*** INPUT Section Begins ***

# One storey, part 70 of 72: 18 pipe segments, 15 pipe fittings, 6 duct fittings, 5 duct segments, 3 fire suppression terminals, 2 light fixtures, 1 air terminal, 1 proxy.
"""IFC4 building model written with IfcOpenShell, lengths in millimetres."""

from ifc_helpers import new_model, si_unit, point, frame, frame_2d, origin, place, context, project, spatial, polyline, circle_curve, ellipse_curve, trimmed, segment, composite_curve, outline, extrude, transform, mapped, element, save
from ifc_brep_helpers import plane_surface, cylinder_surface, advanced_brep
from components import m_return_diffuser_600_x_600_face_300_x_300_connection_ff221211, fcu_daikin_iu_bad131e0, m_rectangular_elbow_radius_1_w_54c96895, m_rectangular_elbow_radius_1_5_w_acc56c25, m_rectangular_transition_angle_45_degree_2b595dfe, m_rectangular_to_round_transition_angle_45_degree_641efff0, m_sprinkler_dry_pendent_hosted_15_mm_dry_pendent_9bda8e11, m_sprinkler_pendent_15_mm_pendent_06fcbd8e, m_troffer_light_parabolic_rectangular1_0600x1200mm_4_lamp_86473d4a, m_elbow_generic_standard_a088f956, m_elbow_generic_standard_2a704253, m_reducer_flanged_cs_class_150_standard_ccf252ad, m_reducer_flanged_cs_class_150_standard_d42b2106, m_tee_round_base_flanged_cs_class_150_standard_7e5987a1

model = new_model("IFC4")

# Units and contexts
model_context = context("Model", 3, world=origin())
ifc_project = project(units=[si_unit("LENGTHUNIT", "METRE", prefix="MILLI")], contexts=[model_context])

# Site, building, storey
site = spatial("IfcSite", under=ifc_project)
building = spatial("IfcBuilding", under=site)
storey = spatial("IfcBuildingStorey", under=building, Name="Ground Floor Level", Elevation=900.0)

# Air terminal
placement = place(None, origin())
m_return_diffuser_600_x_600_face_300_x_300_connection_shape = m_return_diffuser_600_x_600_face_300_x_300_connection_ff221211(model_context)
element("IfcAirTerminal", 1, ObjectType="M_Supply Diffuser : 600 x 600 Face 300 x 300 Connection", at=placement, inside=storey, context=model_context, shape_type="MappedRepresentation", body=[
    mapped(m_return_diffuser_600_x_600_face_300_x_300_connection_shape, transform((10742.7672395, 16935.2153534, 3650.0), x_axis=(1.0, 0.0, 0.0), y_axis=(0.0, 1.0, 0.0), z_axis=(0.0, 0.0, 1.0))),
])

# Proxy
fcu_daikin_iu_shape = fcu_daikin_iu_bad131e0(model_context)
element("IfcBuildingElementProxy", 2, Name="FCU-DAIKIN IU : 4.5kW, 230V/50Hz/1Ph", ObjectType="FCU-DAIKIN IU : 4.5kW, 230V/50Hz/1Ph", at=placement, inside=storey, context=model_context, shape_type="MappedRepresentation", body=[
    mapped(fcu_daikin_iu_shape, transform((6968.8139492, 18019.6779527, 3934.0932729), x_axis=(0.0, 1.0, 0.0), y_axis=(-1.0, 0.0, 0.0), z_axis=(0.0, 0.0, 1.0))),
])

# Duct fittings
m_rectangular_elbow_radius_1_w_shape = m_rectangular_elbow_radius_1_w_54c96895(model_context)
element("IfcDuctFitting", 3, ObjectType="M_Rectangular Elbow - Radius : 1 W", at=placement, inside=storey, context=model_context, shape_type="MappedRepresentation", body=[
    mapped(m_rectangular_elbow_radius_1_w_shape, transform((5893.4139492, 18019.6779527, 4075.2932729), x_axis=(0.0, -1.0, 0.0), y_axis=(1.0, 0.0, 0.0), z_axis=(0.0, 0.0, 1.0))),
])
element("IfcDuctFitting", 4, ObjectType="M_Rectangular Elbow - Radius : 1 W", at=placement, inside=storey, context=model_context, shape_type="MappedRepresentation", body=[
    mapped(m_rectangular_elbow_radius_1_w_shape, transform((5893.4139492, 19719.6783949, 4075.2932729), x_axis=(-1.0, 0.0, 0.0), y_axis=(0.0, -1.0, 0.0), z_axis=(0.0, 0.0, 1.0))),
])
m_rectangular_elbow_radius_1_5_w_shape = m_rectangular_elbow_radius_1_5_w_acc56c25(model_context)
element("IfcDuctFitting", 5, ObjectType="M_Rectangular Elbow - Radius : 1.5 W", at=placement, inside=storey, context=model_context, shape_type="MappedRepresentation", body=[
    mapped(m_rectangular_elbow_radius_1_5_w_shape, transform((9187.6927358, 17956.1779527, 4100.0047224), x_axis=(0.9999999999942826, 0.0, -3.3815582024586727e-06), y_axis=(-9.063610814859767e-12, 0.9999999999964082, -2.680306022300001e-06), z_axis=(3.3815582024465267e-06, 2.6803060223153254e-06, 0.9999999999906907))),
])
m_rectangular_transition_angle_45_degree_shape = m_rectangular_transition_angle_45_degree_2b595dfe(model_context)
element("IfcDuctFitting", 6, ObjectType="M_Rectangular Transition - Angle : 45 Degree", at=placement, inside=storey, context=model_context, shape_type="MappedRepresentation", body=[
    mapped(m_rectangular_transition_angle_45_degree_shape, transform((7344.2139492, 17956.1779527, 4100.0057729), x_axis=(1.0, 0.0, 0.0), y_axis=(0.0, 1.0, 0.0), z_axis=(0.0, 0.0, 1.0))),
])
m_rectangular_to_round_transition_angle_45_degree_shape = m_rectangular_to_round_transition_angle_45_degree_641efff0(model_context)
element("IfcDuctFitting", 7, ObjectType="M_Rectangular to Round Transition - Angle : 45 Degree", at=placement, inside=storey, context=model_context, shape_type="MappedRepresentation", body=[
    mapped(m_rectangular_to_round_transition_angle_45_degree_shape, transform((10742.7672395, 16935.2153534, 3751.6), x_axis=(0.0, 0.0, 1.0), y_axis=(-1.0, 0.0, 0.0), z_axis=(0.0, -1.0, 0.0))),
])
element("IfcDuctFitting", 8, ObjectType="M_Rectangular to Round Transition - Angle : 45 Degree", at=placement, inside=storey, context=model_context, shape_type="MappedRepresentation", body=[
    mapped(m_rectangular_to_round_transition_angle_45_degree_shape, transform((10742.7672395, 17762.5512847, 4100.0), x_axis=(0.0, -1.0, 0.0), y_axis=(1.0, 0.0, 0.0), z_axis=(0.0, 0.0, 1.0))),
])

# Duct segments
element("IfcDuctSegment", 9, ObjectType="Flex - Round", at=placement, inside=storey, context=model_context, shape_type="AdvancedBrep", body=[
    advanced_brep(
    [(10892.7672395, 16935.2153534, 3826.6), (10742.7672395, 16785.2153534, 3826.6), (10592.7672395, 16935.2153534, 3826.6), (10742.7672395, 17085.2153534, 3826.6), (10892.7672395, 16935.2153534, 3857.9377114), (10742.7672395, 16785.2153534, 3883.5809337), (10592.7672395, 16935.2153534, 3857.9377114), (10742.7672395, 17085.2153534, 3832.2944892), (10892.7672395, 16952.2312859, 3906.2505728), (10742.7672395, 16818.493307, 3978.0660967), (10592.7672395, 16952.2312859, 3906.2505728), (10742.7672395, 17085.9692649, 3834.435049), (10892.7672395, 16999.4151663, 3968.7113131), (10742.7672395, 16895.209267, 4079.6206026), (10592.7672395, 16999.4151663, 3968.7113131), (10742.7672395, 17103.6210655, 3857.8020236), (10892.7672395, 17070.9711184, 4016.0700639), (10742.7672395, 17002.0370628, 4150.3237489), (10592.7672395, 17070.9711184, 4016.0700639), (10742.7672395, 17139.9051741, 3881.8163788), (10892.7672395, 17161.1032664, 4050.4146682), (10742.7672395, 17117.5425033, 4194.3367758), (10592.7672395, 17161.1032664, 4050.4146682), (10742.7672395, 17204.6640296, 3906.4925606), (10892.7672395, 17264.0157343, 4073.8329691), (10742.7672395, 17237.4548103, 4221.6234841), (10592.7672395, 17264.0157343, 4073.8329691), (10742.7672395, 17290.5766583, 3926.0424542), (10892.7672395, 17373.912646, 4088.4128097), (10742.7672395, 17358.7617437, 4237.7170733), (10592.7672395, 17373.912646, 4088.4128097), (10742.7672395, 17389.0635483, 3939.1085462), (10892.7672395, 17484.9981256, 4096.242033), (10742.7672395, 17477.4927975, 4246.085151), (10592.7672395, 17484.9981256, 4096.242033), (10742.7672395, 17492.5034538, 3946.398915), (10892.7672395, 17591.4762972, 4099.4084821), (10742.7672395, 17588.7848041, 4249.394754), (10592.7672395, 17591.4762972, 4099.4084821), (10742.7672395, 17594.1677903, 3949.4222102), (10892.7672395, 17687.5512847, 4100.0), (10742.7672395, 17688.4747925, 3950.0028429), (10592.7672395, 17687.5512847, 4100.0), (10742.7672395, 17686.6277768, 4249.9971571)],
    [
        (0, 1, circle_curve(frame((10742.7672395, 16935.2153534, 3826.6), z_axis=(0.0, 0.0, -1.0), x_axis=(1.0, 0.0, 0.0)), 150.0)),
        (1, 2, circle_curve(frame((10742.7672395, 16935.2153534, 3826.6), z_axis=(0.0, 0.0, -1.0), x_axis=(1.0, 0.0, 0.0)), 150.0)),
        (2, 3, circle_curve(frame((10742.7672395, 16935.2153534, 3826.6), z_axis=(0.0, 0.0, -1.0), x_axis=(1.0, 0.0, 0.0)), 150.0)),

*** INPUT Section Ends ***

** WHAT THE EXERCISE ASKS **
Pull out every line above that holds the word "import".

** OUTPUT **
from ifc_helpers import new_model, si_unit, point, frame, frame_2d, origin, place, context, project, spatial, polyline, circle_curve, ellipse_curve, trimmed, segment, composite_curve, outline, extrude, transform, mapped, element, save
from ifc_brep_helpers import plane_surface, cylinder_surface, advanced_brep
from components import m_return_diffuser_600_x_600_face_300_x_300_connection_ff221211, fcu_daikin_iu_bad131e0, m_rectangular_elbow_radius_1_w_54c96895, m_rectangular_elbow_radius_1_5_w_acc56c25, m_rectangular_transition_angle_45_degree_2b595dfe, m_rectangular_to_round_transition_angle_45_degree_641efff0, m_sprinkler_dry_pendent_hosted_15_mm_dry_pendent_9bda8e11, m_sprinkler_pendent_15_mm_pendent_06fcbd8e, m_troffer_light_parabolic_rectangular1_0600x1200mm_4_lamp_86473d4a, m_elbow_generic_standard_a088f956, m_elbow_generic_standard_2a704253, m_reducer_flanged_cs_class_150_standard_ccf252ad, m_reducer_flanged_cs_class_150_standard_d42b2106, m_tee_round_base_flanged_cs_class_150_standard_7e5987a1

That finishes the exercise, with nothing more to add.